Table 1. Eigenvalues and corresponding shapes of pressure pulsations.

Real Part ($\mathit{\alpha }$), Imaginary Part ($\mathit{\omega }$), Frequency (f)	Shape of Pressure Amplitudes along the Conduit
$\alpha$ = 0.0121522 rad/s $\omega$ = 1.403 rad/s f = 0.223 Hz
$\alpha$ = 0.01469911 rad/s $\omega$ = 4.235 rad/s f = 0.674 Hz
$\alpha$ = 0.03323047 rad/s $\omega$ = 6.991 rad/s f = 1.113 Hz
$\alpha$ = 0.03837075 rad/s $\omega$ = 9.792 rad/s f = 1.558 Hz
$\alpha$ = 0.04869796 rad/s $\omega$ = 12.610 rad/s f = 2.007 Hz
$\alpha$ = 0.08408768 rad/s $\omega$ = 15.355 rad/s f = 2.444 Hz
$\alpha$ = 0.07548372 rad/s $\omega$ = 18.156 rad/s f = 2.890 Hz

shows the first seven eigen frequencies obtained from the measured pressure using Equation (17).

The shapes of the pressure amplitude along the conduit are shown in the right column. The left end is the location of the valve; thus, the pressure always has maximal amplitude there. The right end corresponds to the reservoir that maintains constant pressure there.

When the eigenvalues of the system are known, it is possible to determine the wave speed and second viscosity, which satisfy Equation (16).
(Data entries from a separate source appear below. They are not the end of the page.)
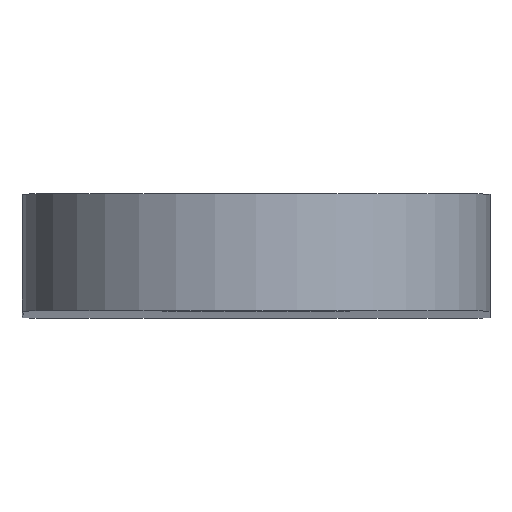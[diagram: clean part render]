
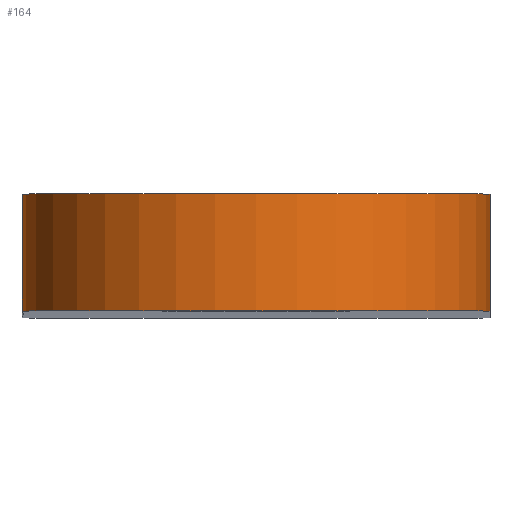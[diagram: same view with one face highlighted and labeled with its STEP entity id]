
A CAD part, top view. The second image highlights one B-rep face of the part: STEP entity #164.
In plain terms, the highlighted cylindrical face has radius 3 mm (diameter 6 mm), a partial arc.
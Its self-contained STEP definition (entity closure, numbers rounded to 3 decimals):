
#27=FACE_OUTER_BOUND('',#36,.T.);
#36=EDGE_LOOP('',(#127,#128,#129,#130));
#51=LINE('',#271,#64);
#52=LINE('',#277,#65);
#64=VECTOR('',#222,10.);
#65=VECTOR('',#229,10.);
#76=CIRCLE('',#192,3.);
#77=CIRCLE('',#193,3.);
#84=VERTEX_POINT('',#264);
#87=VERTEX_POINT('',#269);
#88=VERTEX_POINT('',#273);
#89=VERTEX_POINT('',#275);
#103=EDGE_CURVE('',#84,#87,#51,.T.);
#104=EDGE_CURVE('',#88,#84,#76,.T.);
#105=EDGE_CURVE('',#89,#87,#77,.T.);
#106=EDGE_CURVE('',#88,#89,#52,.T.);
#127=ORIENTED_EDGE('',*,*,#104,.T.);
#128=ORIENTED_EDGE('',*,*,#103,.T.);
#129=ORIENTED_EDGE('',*,*,#105,.F.);
#130=ORIENTED_EDGE('',*,*,#106,.F.);
#159=CYLINDRICAL_SURFACE('',#191,3.);
#164=ADVANCED_FACE('',(#27),#159,.T.);
#191=AXIS2_PLACEMENT_3D('',#272,#223,#224);
#192=AXIS2_PLACEMENT_3D('',#274,#225,#226);
#193=AXIS2_PLACEMENT_3D('',#276,#227,#228);
#222=DIRECTION('',(0.,1.,0.));
#223=DIRECTION('center_axis',(0.,1.,0.));
#224=DIRECTION('ref_axis',(0.,0.,1.));
#225=DIRECTION('center_axis',(0.,1.,0.));
#226=DIRECTION('ref_axis',(-1.,0.,-0.001));
#227=DIRECTION('center_axis',(0.,1.,0.));
#228=DIRECTION('ref_axis',(-1.,0.,-0.001));
#229=DIRECTION('',(0.,1.,0.));
#264=CARTESIAN_POINT('',(3.,0.,25.));
#269=CARTESIAN_POINT('',(3.,1.5,25.));
#271=CARTESIAN_POINT('',(3.,0.,25.));
#272=CARTESIAN_POINT('Origin',(0.,0.,25.));
#273=CARTESIAN_POINT('',(-3.,0.,24.997));
#274=CARTESIAN_POINT('Origin',(0.,0.,25.));
#275=CARTESIAN_POINT('',(-3.,1.5,24.997));
#276=CARTESIAN_POINT('Origin',(0.,1.5,25.));
#277=CARTESIAN_POINT('',(-3.,0.,24.997));
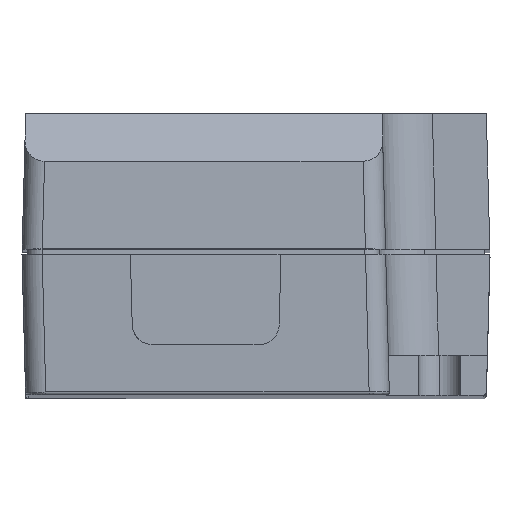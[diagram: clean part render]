
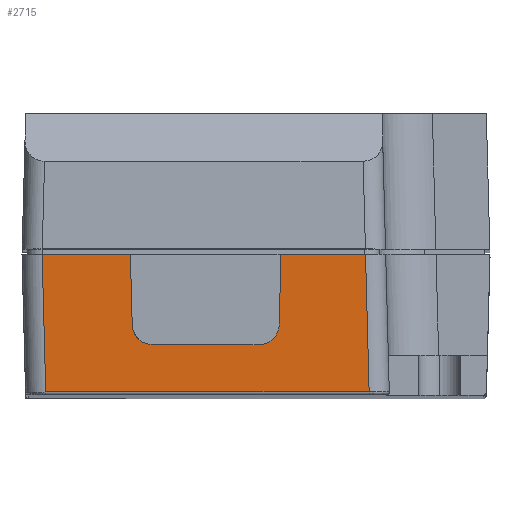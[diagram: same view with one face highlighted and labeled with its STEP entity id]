
A CAD part, top view. The second image highlights one B-rep face of the part: STEP entity #2715.
In plain terms, the highlighted planar face has unit normal (0, -0.026, 1).
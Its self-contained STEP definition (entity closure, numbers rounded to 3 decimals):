
#7 = EDGE_CURVE ( 'NONE', #626, #545, #1944, .T. ) ;
#66 = CARTESIAN_POINT ( 'NONE',  ( -21.901, -13.982, 109.634 ) ) ;
#229 = CARTESIAN_POINT ( 'NONE',  ( 2.301, -7.052, 109.815 ) ) ;
#306 = CARTESIAN_POINT ( 'NONE',  ( 11.062, -6.898, 109.819 ) ) ;
#315 = DIRECTION ( 'NONE',  ( 1., 0., 0. ) ) ;
#329 = CARTESIAN_POINT ( 'NONE',  ( -5.005, 0., 110. ) ) ;
#419 = CARTESIAN_POINT ( 'NONE',  ( -20.892, -13.708, 109.641 ) ) ;
#436 = CARTESIAN_POINT ( 'NONE',  ( -12.271, -8.199, 109.785 ) ) ;
#523 = CARTESIAN_POINT ( 'NONE',  ( 11.24, -13.708, 109.641 ) ) ;
#545 = VERTEX_POINT ( 'NONE', #650 ) ;
#617 = EDGE_CURVE ( 'NONE', #545, #1395, #2683, .T. ) ;
#626 = VERTEX_POINT ( 'NONE', #1434 ) ;
#627 = ORIENTED_EDGE ( 'NONE', *, *, #3240, .T. ) ;
#650 = CARTESIAN_POINT ( 'NONE',  ( -10.302, -9., 109.764 ) ) ;
#664 = ORIENTED_EDGE ( 'NONE', *, *, #7, .F. ) ;
#678 = DIRECTION ( 'NONE',  ( 1., 0., 0. ) ) ;
#749 = EDGE_CURVE ( 'NONE', #1082, #952, #3027, .T. ) ;
#789 = EDGE_CURVE ( 'NONE', #1395, #2599, #2166, .T. ) ;
#796 = DIRECTION ( 'NONE',  ( 0.026, -0.999, -0.026 ) ) ;
#805 = CARTESIAN_POINT ( 'NONE',  ( -12.486, 0., 110. ) ) ;
#812 = PLANE ( 'NONE',  #1723 ) ;
#818 = DIRECTION ( 'NONE',  ( -1., 0., 0. ) ) ;
#928 = ORIENTED_EDGE ( 'NONE', *, *, #749, .T. ) ;
#952 = VERTEX_POINT ( 'NONE', #2211 ) ;
#981 = LINE ( 'NONE', #229, #1725 ) ;
#990 = VECTOR ( 'NONE', #818, 1000. ) ;
#1007 = EDGE_CURVE ( 'NONE', #2599, #3255, #981, .T. ) ;
#1082 = VERTEX_POINT ( 'NONE', #523 ) ;
#1176 = CARTESIAN_POINT ( 'NONE',  ( -21.251, 0., 110. ) ) ;
#1208 = CARTESIAN_POINT ( 'NONE',  ( -12.486, 0., 110. ) ) ;
#1256 = CARTESIAN_POINT ( 'NONE',  ( 2.271, -8.199, 109.785 ) ) ;
#1292 = VECTOR ( 'NONE', #678, 1000. ) ;
#1346 = CARTESIAN_POINT ( 'NONE',  ( 0.302, -9., 109.764 ) ) ;
#1395 = VERTEX_POINT ( 'NONE', #2451 ) ;
#1423 = EDGE_CURVE ( 'NONE', #1651, #626, #3217, .T. ) ;
#1434 = CARTESIAN_POINT ( 'NONE',  ( -12.301, -7.052, 109.815 ) ) ;
#1450 = CARTESIAN_POINT ( 'NONE',  ( -12.301, -7.052, 109.815 ) ) ;
#1514 = LINE ( 'NONE', #2045, #2529 ) ;
#1566 = CARTESIAN_POINT ( 'NONE',  ( 0., 0., 110. ) ) ;
#1623 = ORIENTED_EDGE ( 'NONE', *, *, #789, .F. ) ;
#1651 = VERTEX_POINT ( 'NONE', #805 ) ;
#1701 = CARTESIAN_POINT ( 'NONE',  ( -10.302, -9., 109.764 ) ) ;
#1723 = AXIS2_PLACEMENT_3D ( 'NONE', #66, #1832, #315 ) ;
#1725 = VECTOR ( 'NONE', #2491, 1000. ) ;
#1729 = ORIENTED_EDGE ( 'NONE', *, *, #1007, .F. ) ;
#1814 = DIRECTION ( 'NONE',  ( 1., 0., 0. ) ) ;
#1820 = DIRECTION ( 'NONE',  ( -0.026, 0.999, 0.026 ) ) ;
#1830 = FACE_OUTER_BOUND ( 'NONE', #3109, .T. ) ;
#1832 = DIRECTION ( 'NONE',  ( 0., -0.026, 1. ) ) ;
#1935 = EDGE_CURVE ( 'NONE', #3018, #1082, #1514, .T. ) ;
#1944 =( BOUNDED_CURVE ( )  B_SPLINE_CURVE ( 3, ( #1450, #436, #2437, #1701 ),
 .UNSPECIFIED., .F., .F. ) 
 B_SPLINE_CURVE_WITH_KNOTS ( ( 4, 4 ),
 ( 4.739, 6.283 ),
 .UNSPECIFIED. ) 
 CURVE ( )  GEOMETRIC_REPRESENTATION_ITEM ( )  RATIONAL_B_SPLINE_CURVE ( ( 1., 0.811, 0.811, 1. ) ) 
 REPRESENTATION_ITEM ( '' )  );
#1965 = DIRECTION ( 'NONE',  ( 0.026, -0.999, -0.026 ) ) ;
#1990 = ORIENTED_EDGE ( 'NONE', *, *, #1423, .F. ) ;
#2045 = CARTESIAN_POINT ( 'NONE',  ( -4.826, -13.708, 109.641 ) ) ;
#2082 = DIRECTION ( 'NONE',  ( 1., 0., 0. ) ) ;
#2166 =( BOUNDED_CURVE ( )  B_SPLINE_CURVE ( 3, ( #1346, #2740, #1256, #3011 ),
 .UNSPECIFIED., .F., .T. ) 
 B_SPLINE_CURVE_WITH_KNOTS ( ( 4, 4 ),
 ( 0., 1.545 ),
 .UNSPECIFIED. ) 
 CURVE ( )  GEOMETRIC_REPRESENTATION_ITEM ( )  RATIONAL_B_SPLINE_CURVE ( ( 1., 0.811, 0.811, 1. ) ) 
 REPRESENTATION_ITEM ( '' )  );
#2211 = CARTESIAN_POINT ( 'NONE',  ( 10.881, 0., 110. ) ) ;
#2316 = EDGE_CURVE ( 'NONE', #3008, #3018, #2921, .T. ) ;
#2319 = LINE ( 'NONE', #329, #3004 ) ;
#2324 = CARTESIAN_POINT ( 'NONE',  ( 2.486, 0., 110. ) ) ;
#2437 = CARTESIAN_POINT ( 'NONE',  ( -11.449, -9., 109.764 ) ) ;
#2451 = CARTESIAN_POINT ( 'NONE',  ( 0.302, -9., 109.764 ) ) ;
#2491 = DIRECTION ( 'NONE',  ( 0.026, 0.999, 0.026 ) ) ;
#2529 = VECTOR ( 'NONE', #1814, 1000. ) ;
#2532 = VECTOR ( 'NONE', #1965, 1000. ) ;
#2546 = CARTESIAN_POINT ( 'NONE',  ( -21.071, -6.843, 109.821 ) ) ;
#2599 = VERTEX_POINT ( 'NONE', #3200 ) ;
#2655 = ORIENTED_EDGE ( 'NONE', *, *, #2732, .F. ) ;
#2683 = LINE ( 'NONE', #3187, #1292 ) ;
#2715 = ADVANCED_FACE ( 'NONE', ( #1830 ), #812, .T. ) ;
#2732 = EDGE_CURVE ( 'NONE', #3255, #952, #2319, .T. ) ;
#2740 = CARTESIAN_POINT ( 'NONE',  ( 1.449, -9., 109.764 ) ) ;
#2883 = ORIENTED_EDGE ( 'NONE', *, *, #617, .F. ) ;
#2921 = LINE ( 'NONE', #2546, #3093 ) ;
#2944 = VECTOR ( 'NONE', #1820, 1000. ) ;
#2993 = LINE ( 'NONE', #1566, #990 ) ;
#3004 = VECTOR ( 'NONE', #2082, 1000. ) ;
#3008 = VERTEX_POINT ( 'NONE', #1176 ) ;
#3011 = CARTESIAN_POINT ( 'NONE',  ( 2.301, -7.052, 109.815 ) ) ;
#3018 = VERTEX_POINT ( 'NONE', #419 ) ;
#3027 = LINE ( 'NONE', #306, #2944 ) ;
#3074 = ORIENTED_EDGE ( 'NONE', *, *, #1935, .T. ) ;
#3093 = VECTOR ( 'NONE', #796, 1000. ) ;
#3103 = ORIENTED_EDGE ( 'NONE', *, *, #2316, .T. ) ;
#3109 = EDGE_LOOP ( 'NONE', ( #2655, #1729, #1623, #2883, #664, #1990, #627, #3103, #3074, #928 ) ) ;
#3187 = CARTESIAN_POINT ( 'NONE',  ( -5.005, -9., 109.764 ) ) ;
#3200 = CARTESIAN_POINT ( 'NONE',  ( 2.301, -7.052, 109.815 ) ) ;
#3217 = LINE ( 'NONE', #1208, #2532 ) ;
#3240 = EDGE_CURVE ( 'NONE', #1651, #3008, #2993, .T. ) ;
#3255 = VERTEX_POINT ( 'NONE', #2324 ) ;
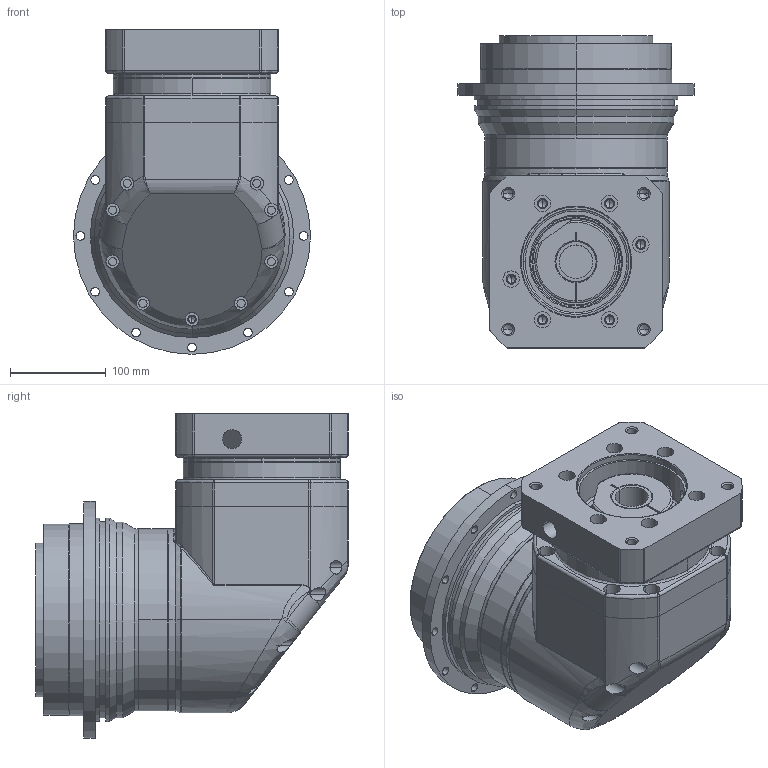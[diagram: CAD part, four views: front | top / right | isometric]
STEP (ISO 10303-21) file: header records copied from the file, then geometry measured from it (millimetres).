
FILE_DESCRIPTION (( 'STEP AP203' ), '1' );
FILE_NAME ('PLMX200-L1-35-114.-3-200.STEP', '2025-05-07T03:06:08', ( 'Windows User' ), ( 'P R C' ), 'SwSTEP 2.0', 'SolidWorks 2016', '' );
FILE_SCHEMA (( 'CONFIG_CONTROL_DESIGN' ));
Length unit declared in the file: millimetre
Products named in the file (14): PLMX200-L1-35-114.3-200-M12-85输入端; MYDR200_X2_8f6c89d27bb14f53_X0_; PLMX200-L1-35-114.-3-200; MYDR200_X2_8f9351fa7aef58f34f53_X0_; PLMX200眻褒眊极; MYAR180输入端壳体_1_1; MYA180输入法兰-114.3_1; PLMX200怀堤俴陎殤; MYAR180轴承-输入_1_1; PLMX200输出内齿圈; MYAR180输入轴_1; deep groove ball bearings gb_Rolling bearings 61926 GB 276-94; MYA180坶踡遠; 嘎殤蚐猾130-180-14
Assembly tree (13 placements, depth 3):
  PLMX200-L1-35-114.-3-200
    PLMX200怀堤俴陎殤
    PLMX200输出内齿圈
    deep groove ball bearings gb_Rolling bearings 61926 GB 276-94
    嘎殤蚐猾130-180-14
    PLMX200眻褒眊极
      MYDR200_X2_8f6c89d27bb14f53_X0_
      MYDR200_X2_8f9351fa7aef58f34f53_X0_
    PLMX200-L1-35-114.3-200-M12-85输入端
      MYAR180输入端壳体_1_1
      MYA180输入法兰-114.3_1
      MYAR180轴承-输入_1_1
      MYAR180输入轴_1
      MYA180坶踡遠
Bounding box: 247 x 325.8 x 338.5 mm (x, y, z)
Volume: 9125526.7 mm3; surface area: 1119340 mm2
Topology: 11 solids, 11 shells, 1892 faces, 5058 edges, 3190 vertices
Faces by surface type: plane 628, bspline 557, cylinder 460, cone 174, torus 71, sphere 2
Entity records: 83883 total; most frequent: CARTESIAN_POINT 38772, ORIENTED_EDGE 9936, DIRECTION 7881, EDGE_CURVE 4968, VERTEX_POINT 3190, AXIS2_PLACEMENT_3D 2883, EDGE_LOOP 2170, VECTOR 2115
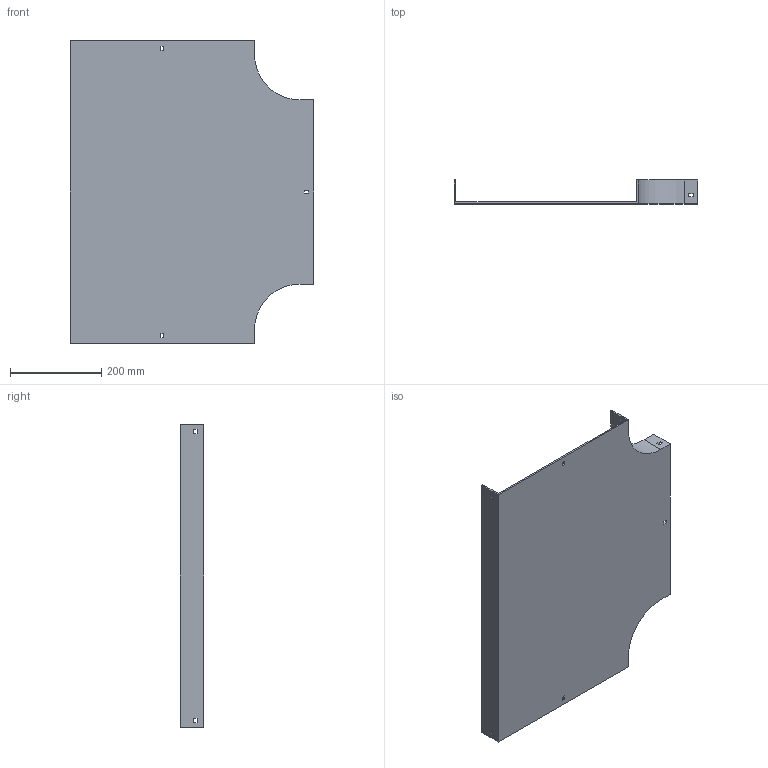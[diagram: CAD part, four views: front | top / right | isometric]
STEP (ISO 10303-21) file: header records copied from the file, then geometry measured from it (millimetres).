
FILE_DESCRIPTION (( 'STEP AP214' ), '1' );
FILE_NAME ('15F1B400.step', '2025-02-21T13:04:22', ( '' ), ( '' ), 'SwSTEP 2.0', 'SolidWorks 2023', '' );
FILE_SCHEMA (( 'AUTOMOTIVE_DESIGN' ));
Length unit declared in the file: millimetre
Products named in the file (1): 15F1B400
Bounding box: 534 x 52 x 664 mm (x, y, z)
Volume: 1322999.7 mm3; surface area: 766143.4 mm2
Topology: 1 solids, 1 shells, 58 faces, 168 edges, 112 vertices
Faces by surface type: plane 54, cylinder 4
Entity records: 1939 total; most frequent: CARTESIAN_POINT 339, ORIENTED_EDGE 336, DIRECTION 294, EDGE_CURVE 168, VECTOR 160, LINE 160, VERTEX_POINT 112, EDGE_LOOP 76
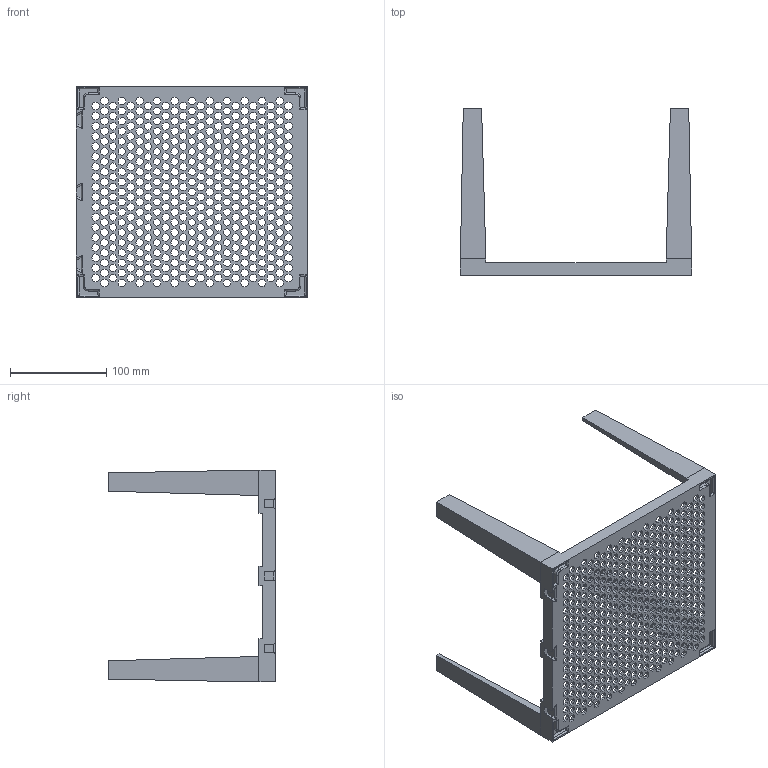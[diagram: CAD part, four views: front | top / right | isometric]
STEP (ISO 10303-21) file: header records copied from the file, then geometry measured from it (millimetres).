
FILE_DESCRIPTION (( 'STEP AP214' ), '1' );
FILE_NAME ('Shoe rack element v4.1 base.STEP', '2024-10-05T08:41:27', ( '' ), ( '' ), 'SwSTEP 2.0', 'SolidWorks 2024', '' );
FILE_SCHEMA (( 'AUTOMOTIVE_DESIGN' ));
Length unit declared in the file: millimetre
Products named in the file (1): Shoe rack element v4.1 base
Bounding box: 240 x 173.01 x 220 mm (x, y, z)
Volume: 307070.2 mm3; surface area: 175792 mm2
Topology: 1 solids, 1 shells, 4008 faces, 11926 edges, 7924 vertices
Faces by surface type: plane 3953, cylinder 47, bspline 4, torus 4
Entity records: 133451 total; most frequent: CARTESIAN_POINT 24249, ORIENTED_EDGE 23852, DIRECTION 19944, EDGE_CURVE 11926, LINE 11846, VECTOR 11846, VERTEX_POINT 7924, EDGE_LOOP 4862

The values were obtained from eigenvalues in Table 1, and they are plotted in Figure 6 and Figure 7.

It is clear that the wave speed is independent of the frequency. The scattering is 1.1% from the mean value. The uncertainty was 0.2% of the sensor range, its time constant was 0.005 s and it was directly mounted on the pipe wall. Unlike the wave speed, the second viscosity strongly depends on the frequency. One can easily find a hyperbolic function that satisfactorily corresponds to the obtained values. Figure 7 is on a logarithmic scale; therefore, the hyperbola appears as a line (see following equation). The obtained result corresponds to [17].

$$\xi =\frac{C}{f}.$$

(22)

Bubbles of free air in the water have an impact on the wave speed and second viscosity [21]; however, in this case, the water had been pumped up and down several times before this measurement. Therefore, there was a very low level of air content, and it is possible to neglect its influence.

5. Summary

This paper describes an evaluation of the second viscosity of water. Pressure pulsations in a conduit of a storage power plant were measured at the ball valve. The measurement was performed as a part of commissioning tests and served for computations of the flow rate using the time-pressure method; however, it was also possible to use it for the evaluation of the second viscosity. The second viscosity was found from the eigenvalue of the conduit. The result showed a hyperbolic dependence of second viscosity on the frequency.

The presented methodology could be transferred to other hydraulic machines of any scale in order to verify the hydraulic system in which the machine will operate. This is necessary for economic and safer operations.